##### RECORDS FOR THE TASK #####

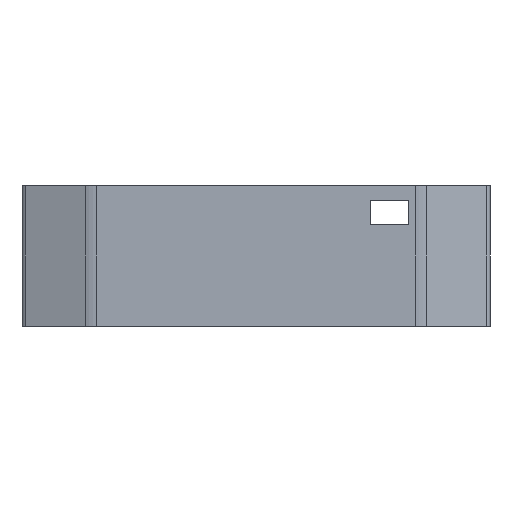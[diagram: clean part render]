
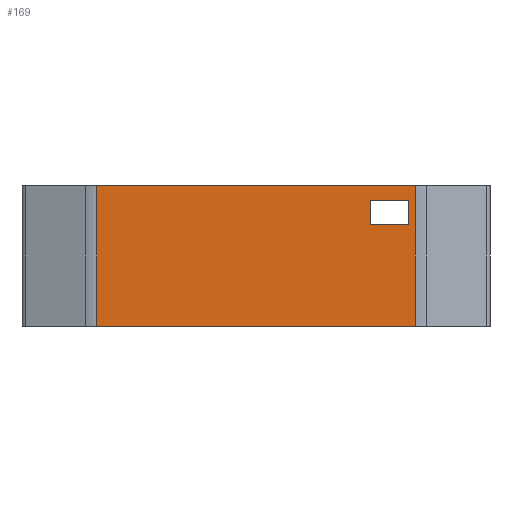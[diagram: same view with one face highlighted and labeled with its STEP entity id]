
A CAD part, front view. The second image highlights one B-rep face of the part: STEP entity #169.
In plain terms, the highlighted planar face has unit normal (0, -1, 0).
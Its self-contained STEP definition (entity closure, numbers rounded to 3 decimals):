
#151=FACE_BOUND('',#369,.T.);
#152=FACE_BOUND('',#370,.T.);
#169=ADVANCED_FACE('',(#151,#152),#243,.T.);
#243=PLANE('',#1577);
#369=EDGE_LOOP('',(#497,#498,#499,#500));
#370=EDGE_LOOP('',(#501,#502,#503,#504));
#497=ORIENTED_EDGE('',*,*,#1053,.F.);
#498=ORIENTED_EDGE('',*,*,#1054,.F.);
#499=ORIENTED_EDGE('',*,*,#1055,.F.);
#500=ORIENTED_EDGE('',*,*,#1012,.F.);
#501=ORIENTED_EDGE('',*,*,#1056,.T.);
#502=ORIENTED_EDGE('',*,*,#1057,.T.);
#503=ORIENTED_EDGE('',*,*,#1058,.T.);
#504=ORIENTED_EDGE('',*,*,#1059,.T.);
#872=VERTEX_POINT('',#2087);
#873=VERTEX_POINT('',#2089);
#909=VERTEX_POINT('',#2170);
#910=VERTEX_POINT('',#2172);
#911=VERTEX_POINT('',#2175);
#912=VERTEX_POINT('',#2176);
#913=VERTEX_POINT('',#2178);
#914=VERTEX_POINT('',#2180);
#1012=EDGE_CURVE('',#872,#873,#1222,.T.);
#1053=EDGE_CURVE('',#909,#872,#1261,.T.);
#1054=EDGE_CURVE('',#910,#909,#1262,.T.);
#1055=EDGE_CURVE('',#873,#910,#1263,.T.);
#1056=EDGE_CURVE('',#911,#912,#1264,.T.);
#1057=EDGE_CURVE('',#912,#913,#1265,.T.);
#1058=EDGE_CURVE('',#913,#914,#1266,.T.);
#1059=EDGE_CURVE('',#914,#911,#1267,.T.);
#1222=LINE('',#2088,#1398);
#1261=LINE('',#2169,#1437);
#1262=LINE('',#2171,#1438);
#1263=LINE('',#2173,#1439);
#1264=LINE('',#2174,#1440);
#1265=LINE('',#2177,#1441);
#1266=LINE('',#2179,#1442);
#1267=LINE('',#2181,#1443);
#1398=VECTOR('',#1688,1.);
#1437=VECTOR('',#1739,1.);
#1438=VECTOR('',#1740,1.);
#1439=VECTOR('',#1741,1.);
#1440=VECTOR('',#1742,1.);
#1441=VECTOR('',#1743,1.);
#1442=VECTOR('',#1744,1.);
#1443=VECTOR('',#1745,1.);
#1577=AXIS2_PLACEMENT_3D('',#2182,#1746,#1747);
#1688=DIRECTION('',(0.,0.,1.));
#1739=DIRECTION('',(1.,0.,0.));
#1740=DIRECTION('',(0.,0.,-1.));
#1741=DIRECTION('',(-1.,0.,0.));
#1742=DIRECTION('',(0.,0.,-1.));
#1743=DIRECTION('',(1.,0.,0.));
#1744=DIRECTION('',(0.,0.,1.));
#1745=DIRECTION('',(-1.,0.,0.));
#1746=DIRECTION('',(0.,-1.,0.));
#1747=DIRECTION('',(0.,0.,-1.));
#2087=CARTESIAN_POINT('',(195.121,-11.,50.5));
#2088=CARTESIAN_POINT('',(195.121,-11.,0.));
#2089=CARTESIAN_POINT('',(195.121,-11.,57.5));
#2169=CARTESIAN_POINT('',(219.5,-11.,50.5));
#2170=CARTESIAN_POINT('',(183.621,-11.,50.5));
#2171=CARTESIAN_POINT('',(183.621,-11.,0.));
#2172=CARTESIAN_POINT('',(183.621,-11.,57.5));
#2173=CARTESIAN_POINT('',(219.5,-11.,57.5));
#2174=CARTESIAN_POINT('',(101.879,-11.,0.));
#2175=CARTESIAN_POINT('',(101.879,-11.,62.));
#2176=CARTESIAN_POINT('',(101.879,-11.,20.));
#2177=CARTESIAN_POINT('',(219.5,-11.,20.));
#2178=CARTESIAN_POINT('',(197.121,-11.,20.));
#2179=CARTESIAN_POINT('',(197.121,-11.,51.));
#2180=CARTESIAN_POINT('',(197.121,-11.,62.));
#2181=CARTESIAN_POINT('',(219.5,-11.,62.));
#2182=CARTESIAN_POINT('',(219.5,-11.,0.));

#####

TASK INSTRUCTIONS. For this exercise, output exactly the lines above from the line with "#2172=CARTESIAN_POINT('',(183.621,-11.,57.5));" to the line with "#2180=CARTESIAN_POINT('',(197.121,-11.,62.));", counting both, and leave out the rest.

EXERCISE OUTPUT.
#2172=CARTESIAN_POINT('',(183.621,-11.,57.5));
#2173=CARTESIAN_POINT('',(219.5,-11.,57.5));
#2174=CARTESIAN_POINT('',(101.879,-11.,0.));
#2175=CARTESIAN_POINT('',(101.879,-11.,62.));
#2176=CARTESIAN_POINT('',(101.879,-11.,20.));
#2177=CARTESIAN_POINT('',(219.5,-11.,20.));
#2178=CARTESIAN_POINT('',(197.121,-11.,20.));
#2179=CARTESIAN_POINT('',(197.121,-11.,51.));
#2180=CARTESIAN_POINT('',(197.121,-11.,62.));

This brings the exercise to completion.